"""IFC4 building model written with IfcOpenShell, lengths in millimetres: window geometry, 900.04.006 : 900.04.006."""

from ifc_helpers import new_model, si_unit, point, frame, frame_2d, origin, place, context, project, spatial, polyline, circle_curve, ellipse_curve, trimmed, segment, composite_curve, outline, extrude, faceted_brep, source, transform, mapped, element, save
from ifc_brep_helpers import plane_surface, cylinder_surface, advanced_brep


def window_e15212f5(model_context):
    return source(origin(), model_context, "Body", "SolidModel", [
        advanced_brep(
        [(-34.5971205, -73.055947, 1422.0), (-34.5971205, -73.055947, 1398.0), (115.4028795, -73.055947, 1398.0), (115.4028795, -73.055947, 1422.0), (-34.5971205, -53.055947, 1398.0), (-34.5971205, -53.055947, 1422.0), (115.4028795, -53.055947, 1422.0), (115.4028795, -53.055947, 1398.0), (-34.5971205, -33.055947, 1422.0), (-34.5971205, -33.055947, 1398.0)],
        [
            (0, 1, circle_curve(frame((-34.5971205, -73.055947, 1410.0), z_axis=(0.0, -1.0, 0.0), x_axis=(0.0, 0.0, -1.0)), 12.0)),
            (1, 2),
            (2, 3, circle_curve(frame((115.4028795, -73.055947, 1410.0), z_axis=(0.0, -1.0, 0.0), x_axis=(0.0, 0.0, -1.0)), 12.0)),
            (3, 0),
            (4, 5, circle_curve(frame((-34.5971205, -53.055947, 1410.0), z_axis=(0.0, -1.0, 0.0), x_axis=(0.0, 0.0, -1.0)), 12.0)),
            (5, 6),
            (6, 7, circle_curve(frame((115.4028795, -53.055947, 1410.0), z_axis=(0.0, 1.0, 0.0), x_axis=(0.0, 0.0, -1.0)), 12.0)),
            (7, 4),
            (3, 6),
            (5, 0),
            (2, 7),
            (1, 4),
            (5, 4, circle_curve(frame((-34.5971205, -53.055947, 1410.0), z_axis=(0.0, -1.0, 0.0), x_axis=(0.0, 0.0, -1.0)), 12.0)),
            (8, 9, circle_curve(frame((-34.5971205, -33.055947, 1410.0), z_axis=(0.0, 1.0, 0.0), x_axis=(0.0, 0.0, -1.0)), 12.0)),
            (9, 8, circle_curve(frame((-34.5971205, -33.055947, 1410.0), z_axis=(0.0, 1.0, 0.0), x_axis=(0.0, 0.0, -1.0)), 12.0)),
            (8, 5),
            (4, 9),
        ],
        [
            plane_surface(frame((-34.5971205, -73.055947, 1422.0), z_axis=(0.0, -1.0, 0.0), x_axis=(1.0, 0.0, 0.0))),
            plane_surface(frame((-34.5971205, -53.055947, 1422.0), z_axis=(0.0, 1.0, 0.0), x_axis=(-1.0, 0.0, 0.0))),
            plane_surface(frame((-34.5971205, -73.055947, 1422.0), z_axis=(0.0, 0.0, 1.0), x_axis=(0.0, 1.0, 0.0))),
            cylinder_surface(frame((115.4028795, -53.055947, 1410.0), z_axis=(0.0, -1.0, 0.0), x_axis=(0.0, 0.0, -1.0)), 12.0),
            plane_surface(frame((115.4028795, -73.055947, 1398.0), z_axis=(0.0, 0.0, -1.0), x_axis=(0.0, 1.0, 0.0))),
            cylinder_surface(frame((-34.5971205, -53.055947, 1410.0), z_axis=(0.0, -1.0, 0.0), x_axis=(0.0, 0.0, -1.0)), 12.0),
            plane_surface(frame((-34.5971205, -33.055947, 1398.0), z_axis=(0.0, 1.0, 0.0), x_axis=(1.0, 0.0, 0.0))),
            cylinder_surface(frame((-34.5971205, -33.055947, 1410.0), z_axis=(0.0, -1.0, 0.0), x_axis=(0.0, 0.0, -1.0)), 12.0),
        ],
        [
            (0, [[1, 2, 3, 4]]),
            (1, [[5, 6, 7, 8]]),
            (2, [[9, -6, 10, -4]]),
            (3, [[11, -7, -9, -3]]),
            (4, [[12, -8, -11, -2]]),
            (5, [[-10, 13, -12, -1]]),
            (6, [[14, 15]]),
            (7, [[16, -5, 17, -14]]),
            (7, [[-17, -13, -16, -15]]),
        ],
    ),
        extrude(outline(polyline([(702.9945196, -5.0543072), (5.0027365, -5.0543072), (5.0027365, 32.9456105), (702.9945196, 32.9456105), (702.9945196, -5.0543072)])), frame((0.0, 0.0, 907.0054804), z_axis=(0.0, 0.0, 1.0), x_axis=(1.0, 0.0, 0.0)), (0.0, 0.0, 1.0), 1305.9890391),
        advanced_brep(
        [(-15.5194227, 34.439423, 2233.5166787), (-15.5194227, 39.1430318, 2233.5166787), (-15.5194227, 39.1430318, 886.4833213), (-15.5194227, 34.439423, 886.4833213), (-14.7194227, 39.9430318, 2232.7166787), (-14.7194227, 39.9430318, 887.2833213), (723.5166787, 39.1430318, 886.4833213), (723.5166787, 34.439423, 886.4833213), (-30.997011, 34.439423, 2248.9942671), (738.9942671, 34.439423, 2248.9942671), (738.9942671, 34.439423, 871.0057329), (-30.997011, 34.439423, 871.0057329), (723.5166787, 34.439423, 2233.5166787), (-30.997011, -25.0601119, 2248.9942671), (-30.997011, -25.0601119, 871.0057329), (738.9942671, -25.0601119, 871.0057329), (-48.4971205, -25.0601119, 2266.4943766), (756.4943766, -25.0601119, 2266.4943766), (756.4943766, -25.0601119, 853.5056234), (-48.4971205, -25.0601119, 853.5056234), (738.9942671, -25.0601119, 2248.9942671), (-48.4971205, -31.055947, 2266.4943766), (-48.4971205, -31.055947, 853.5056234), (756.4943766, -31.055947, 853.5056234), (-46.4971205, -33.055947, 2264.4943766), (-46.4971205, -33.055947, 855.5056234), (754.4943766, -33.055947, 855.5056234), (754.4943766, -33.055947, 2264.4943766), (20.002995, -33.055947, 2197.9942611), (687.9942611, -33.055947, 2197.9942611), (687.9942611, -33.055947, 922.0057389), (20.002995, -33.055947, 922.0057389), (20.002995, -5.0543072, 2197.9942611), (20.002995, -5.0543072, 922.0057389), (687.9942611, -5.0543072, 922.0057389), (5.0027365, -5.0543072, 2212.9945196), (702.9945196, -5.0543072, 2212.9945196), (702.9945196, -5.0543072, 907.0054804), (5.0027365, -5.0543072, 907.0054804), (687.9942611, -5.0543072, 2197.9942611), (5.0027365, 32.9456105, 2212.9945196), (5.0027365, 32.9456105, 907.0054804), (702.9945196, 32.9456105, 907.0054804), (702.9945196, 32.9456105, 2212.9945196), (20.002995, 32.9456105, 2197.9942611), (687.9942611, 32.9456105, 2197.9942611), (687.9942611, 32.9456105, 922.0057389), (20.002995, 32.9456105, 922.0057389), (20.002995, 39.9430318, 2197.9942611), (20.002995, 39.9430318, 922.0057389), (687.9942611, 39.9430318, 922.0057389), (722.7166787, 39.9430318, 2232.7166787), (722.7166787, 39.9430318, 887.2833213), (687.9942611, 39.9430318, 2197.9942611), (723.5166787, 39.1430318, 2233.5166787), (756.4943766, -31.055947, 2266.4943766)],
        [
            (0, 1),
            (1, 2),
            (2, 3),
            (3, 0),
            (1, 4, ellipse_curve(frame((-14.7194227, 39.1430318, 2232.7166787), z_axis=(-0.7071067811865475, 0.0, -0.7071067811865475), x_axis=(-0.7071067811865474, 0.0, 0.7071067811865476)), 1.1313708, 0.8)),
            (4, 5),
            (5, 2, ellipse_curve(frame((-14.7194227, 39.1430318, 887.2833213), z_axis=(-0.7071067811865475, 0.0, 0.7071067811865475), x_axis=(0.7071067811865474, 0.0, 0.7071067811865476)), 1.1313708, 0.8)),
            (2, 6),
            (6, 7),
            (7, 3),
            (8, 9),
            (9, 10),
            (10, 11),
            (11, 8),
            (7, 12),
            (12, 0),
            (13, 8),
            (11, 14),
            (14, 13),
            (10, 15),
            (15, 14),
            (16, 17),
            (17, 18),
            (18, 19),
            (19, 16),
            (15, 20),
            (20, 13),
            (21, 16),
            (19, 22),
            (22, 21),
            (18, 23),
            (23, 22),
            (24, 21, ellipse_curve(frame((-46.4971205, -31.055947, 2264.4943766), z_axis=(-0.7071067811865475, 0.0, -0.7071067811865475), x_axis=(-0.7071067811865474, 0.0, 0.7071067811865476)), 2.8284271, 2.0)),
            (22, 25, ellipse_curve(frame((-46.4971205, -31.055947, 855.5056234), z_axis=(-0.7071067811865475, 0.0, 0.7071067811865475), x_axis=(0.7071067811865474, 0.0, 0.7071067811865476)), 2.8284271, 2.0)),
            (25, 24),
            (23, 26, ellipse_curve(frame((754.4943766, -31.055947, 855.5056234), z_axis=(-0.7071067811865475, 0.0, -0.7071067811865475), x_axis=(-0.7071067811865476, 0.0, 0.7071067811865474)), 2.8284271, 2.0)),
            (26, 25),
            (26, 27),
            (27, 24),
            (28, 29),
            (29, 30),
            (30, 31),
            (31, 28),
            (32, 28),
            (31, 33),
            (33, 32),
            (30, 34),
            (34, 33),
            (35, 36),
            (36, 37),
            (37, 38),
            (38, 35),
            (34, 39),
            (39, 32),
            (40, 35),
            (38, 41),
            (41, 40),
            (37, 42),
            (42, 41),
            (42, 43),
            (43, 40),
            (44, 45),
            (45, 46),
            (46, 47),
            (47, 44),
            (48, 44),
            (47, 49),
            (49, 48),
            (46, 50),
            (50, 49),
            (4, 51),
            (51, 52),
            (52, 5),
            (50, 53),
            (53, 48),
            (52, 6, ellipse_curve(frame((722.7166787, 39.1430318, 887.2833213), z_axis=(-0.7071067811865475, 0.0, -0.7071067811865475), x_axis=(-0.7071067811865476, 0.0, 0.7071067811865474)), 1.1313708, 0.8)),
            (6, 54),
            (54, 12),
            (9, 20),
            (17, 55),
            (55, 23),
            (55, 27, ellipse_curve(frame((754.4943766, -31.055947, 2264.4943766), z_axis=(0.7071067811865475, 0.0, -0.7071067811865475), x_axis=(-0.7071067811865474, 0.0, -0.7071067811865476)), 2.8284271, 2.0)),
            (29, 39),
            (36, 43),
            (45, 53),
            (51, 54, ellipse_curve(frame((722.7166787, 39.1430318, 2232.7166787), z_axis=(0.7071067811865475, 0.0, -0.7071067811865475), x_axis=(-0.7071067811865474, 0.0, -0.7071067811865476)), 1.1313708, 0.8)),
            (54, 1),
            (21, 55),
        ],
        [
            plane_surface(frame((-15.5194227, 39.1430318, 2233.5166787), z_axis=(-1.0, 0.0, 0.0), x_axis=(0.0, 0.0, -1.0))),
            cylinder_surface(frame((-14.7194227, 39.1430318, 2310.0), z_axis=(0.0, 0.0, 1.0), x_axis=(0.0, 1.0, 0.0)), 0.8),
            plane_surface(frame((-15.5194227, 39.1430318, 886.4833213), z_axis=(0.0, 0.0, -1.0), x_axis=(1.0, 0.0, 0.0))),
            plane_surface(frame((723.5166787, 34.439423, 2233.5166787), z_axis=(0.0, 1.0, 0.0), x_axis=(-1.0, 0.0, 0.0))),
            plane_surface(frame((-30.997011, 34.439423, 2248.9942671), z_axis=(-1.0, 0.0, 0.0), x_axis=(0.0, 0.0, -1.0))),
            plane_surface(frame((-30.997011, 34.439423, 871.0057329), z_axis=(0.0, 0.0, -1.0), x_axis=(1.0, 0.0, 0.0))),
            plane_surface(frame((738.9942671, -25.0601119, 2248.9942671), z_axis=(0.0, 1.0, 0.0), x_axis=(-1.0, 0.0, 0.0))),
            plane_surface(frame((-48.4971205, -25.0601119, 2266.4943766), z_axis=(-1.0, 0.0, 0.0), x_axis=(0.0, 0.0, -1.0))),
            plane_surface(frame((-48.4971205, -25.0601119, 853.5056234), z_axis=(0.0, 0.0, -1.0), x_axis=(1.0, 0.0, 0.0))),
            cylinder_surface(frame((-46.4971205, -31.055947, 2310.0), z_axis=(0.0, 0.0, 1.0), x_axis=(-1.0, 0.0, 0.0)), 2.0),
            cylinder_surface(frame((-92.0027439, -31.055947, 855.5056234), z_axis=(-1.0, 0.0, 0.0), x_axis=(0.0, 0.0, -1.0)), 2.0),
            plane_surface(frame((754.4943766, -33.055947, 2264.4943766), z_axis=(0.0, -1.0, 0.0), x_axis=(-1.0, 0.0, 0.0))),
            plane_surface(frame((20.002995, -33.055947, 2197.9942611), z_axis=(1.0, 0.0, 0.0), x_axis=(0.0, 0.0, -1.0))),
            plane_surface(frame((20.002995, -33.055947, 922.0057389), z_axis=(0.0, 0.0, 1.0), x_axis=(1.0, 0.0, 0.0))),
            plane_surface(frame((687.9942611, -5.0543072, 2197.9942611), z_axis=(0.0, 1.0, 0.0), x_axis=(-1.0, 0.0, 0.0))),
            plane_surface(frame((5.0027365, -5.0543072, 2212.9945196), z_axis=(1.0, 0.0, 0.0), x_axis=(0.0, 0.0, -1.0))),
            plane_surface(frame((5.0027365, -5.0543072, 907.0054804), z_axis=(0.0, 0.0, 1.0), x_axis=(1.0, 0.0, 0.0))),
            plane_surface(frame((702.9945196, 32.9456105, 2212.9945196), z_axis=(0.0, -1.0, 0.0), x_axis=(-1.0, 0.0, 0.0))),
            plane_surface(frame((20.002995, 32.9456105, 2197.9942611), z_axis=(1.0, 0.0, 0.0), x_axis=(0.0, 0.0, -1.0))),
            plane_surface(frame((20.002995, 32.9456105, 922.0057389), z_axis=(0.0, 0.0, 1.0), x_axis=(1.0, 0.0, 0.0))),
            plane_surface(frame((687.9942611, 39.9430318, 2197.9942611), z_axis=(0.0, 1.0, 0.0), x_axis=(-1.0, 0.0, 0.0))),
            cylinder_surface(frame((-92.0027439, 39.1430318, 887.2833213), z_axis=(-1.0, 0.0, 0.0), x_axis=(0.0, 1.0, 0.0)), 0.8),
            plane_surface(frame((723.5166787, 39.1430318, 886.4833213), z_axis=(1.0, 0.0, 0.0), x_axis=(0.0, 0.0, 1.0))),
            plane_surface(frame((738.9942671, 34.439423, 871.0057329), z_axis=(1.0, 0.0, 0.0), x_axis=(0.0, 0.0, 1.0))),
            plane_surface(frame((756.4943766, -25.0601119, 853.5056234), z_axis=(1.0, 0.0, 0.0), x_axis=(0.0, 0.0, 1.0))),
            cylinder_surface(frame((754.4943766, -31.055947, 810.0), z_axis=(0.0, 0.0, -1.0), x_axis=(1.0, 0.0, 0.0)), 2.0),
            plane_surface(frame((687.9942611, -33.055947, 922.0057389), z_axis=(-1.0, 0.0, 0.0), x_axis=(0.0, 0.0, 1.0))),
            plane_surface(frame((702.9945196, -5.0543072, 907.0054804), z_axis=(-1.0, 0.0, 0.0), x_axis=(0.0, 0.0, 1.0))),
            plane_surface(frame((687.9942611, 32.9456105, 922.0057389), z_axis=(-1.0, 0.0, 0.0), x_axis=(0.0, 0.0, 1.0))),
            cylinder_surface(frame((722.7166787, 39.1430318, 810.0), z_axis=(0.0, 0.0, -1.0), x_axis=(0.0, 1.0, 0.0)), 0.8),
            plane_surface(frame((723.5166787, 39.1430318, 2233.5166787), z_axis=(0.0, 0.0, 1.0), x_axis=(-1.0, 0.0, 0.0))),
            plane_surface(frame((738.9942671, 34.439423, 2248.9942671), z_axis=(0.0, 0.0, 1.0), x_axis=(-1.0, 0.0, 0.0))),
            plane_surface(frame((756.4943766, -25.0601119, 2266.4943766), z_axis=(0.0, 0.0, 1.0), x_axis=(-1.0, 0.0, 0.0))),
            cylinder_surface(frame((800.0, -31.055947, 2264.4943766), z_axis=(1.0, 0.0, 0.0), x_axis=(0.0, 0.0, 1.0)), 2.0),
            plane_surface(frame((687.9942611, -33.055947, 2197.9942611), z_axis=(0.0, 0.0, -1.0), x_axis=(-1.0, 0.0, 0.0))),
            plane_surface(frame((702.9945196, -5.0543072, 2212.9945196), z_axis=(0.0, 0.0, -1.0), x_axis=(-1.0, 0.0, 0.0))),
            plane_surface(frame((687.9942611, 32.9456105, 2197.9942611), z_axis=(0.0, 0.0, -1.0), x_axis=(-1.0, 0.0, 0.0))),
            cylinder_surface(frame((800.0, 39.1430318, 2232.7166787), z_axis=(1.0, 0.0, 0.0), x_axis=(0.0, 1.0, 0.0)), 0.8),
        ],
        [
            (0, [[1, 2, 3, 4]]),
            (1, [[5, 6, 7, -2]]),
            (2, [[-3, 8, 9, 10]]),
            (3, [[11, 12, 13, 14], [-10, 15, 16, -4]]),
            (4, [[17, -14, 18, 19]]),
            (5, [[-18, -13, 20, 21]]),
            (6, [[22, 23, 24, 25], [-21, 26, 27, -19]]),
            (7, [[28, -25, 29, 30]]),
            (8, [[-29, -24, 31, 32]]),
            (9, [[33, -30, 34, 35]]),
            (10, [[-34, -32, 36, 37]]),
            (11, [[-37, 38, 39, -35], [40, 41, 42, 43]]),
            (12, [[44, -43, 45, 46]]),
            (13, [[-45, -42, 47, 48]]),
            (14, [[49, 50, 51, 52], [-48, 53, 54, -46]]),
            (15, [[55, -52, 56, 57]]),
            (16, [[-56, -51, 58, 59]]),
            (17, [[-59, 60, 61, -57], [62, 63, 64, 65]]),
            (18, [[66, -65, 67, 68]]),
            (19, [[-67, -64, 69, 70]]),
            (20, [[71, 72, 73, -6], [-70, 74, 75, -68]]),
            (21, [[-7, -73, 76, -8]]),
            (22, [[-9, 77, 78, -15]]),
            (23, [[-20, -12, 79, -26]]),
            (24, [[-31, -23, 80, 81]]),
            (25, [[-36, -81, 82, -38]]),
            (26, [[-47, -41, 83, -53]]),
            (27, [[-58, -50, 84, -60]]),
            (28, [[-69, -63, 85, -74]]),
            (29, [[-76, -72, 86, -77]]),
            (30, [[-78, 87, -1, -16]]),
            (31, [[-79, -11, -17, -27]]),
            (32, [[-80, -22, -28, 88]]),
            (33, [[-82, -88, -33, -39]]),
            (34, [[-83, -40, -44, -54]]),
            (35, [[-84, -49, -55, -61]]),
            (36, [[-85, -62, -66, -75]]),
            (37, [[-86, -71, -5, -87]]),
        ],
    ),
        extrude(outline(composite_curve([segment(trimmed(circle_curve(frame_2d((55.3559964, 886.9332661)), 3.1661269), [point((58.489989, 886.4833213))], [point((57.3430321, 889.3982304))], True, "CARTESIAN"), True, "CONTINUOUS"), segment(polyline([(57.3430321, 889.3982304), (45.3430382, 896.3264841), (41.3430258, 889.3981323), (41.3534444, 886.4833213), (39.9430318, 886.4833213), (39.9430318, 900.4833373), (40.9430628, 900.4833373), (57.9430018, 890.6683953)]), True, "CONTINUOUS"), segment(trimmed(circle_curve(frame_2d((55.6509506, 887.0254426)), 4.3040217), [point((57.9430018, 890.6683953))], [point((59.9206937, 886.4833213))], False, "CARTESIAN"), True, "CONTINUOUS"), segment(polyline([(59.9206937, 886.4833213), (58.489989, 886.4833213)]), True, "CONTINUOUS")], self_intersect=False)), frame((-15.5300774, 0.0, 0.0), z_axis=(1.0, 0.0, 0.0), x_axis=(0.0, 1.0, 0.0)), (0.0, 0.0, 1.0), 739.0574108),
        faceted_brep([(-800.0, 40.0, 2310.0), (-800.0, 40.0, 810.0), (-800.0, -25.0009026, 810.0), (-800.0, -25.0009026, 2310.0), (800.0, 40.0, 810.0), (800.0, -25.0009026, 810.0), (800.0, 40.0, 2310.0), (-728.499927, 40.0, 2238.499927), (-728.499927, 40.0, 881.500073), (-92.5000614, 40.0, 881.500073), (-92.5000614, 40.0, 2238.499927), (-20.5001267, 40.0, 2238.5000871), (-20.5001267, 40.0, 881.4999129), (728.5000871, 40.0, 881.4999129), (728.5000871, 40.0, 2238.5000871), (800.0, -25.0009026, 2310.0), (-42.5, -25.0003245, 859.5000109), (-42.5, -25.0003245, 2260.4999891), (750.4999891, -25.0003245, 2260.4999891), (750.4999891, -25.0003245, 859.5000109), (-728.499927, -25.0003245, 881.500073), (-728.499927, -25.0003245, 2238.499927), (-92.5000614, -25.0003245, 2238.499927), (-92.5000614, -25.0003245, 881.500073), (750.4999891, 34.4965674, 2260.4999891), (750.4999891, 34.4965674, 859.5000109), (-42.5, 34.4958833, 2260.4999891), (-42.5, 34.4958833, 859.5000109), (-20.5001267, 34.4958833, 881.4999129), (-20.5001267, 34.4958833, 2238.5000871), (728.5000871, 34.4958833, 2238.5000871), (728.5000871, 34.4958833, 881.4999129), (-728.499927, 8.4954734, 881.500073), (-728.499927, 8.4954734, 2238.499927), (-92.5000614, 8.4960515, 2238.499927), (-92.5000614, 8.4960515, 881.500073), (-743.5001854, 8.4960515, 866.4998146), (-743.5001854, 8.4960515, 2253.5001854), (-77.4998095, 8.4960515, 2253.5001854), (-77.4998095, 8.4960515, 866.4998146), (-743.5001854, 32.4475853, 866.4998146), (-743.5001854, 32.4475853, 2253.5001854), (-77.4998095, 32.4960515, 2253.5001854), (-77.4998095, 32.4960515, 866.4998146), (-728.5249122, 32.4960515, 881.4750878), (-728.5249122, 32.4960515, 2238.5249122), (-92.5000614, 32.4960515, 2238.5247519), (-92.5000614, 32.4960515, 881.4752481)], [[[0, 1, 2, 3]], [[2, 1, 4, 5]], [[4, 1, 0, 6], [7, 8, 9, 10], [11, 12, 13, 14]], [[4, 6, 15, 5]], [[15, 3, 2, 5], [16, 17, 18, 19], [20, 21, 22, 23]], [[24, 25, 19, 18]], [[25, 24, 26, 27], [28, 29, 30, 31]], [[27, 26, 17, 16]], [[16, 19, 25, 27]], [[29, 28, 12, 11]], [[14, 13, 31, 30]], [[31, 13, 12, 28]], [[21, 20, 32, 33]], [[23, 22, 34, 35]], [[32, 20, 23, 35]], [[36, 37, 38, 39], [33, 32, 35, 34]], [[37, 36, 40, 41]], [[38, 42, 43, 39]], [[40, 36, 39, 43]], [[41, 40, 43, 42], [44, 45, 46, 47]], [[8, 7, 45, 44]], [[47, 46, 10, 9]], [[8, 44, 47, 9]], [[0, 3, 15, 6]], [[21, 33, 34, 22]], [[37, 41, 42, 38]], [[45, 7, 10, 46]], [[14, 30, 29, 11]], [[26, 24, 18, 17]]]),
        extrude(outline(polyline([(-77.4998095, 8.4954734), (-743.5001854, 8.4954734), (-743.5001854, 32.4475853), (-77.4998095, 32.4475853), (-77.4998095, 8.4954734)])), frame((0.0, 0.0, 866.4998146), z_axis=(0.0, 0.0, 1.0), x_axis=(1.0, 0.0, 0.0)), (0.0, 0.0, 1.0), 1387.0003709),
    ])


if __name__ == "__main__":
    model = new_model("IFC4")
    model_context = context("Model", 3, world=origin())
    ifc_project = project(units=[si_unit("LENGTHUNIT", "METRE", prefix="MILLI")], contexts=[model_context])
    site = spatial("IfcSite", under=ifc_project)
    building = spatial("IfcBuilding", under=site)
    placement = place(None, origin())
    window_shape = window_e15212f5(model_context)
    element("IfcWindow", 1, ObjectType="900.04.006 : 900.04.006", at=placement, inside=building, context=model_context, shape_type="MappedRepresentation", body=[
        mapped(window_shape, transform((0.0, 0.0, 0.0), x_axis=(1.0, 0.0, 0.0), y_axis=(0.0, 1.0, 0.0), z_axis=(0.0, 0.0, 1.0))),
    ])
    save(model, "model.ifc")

· · ·

### WHAT IS BEING ASKED
Where a line in the records above contains the string "origin", return that line.

### RESULT BELOW
from ifc_helpers import new_model, si_unit, point, frame, frame_2d, origin, place, context, project, spatial, polyline, circle_curve, ellipse_curve, trimmed, segment, composite_curve, outline, extrude, faceted_brep, source, transform, mapped, element, save
    return source(origin(), model_context, "Body", "SolidModel", [
    model_context = context("Model", 3, world=origin())
    placement = place(None, origin())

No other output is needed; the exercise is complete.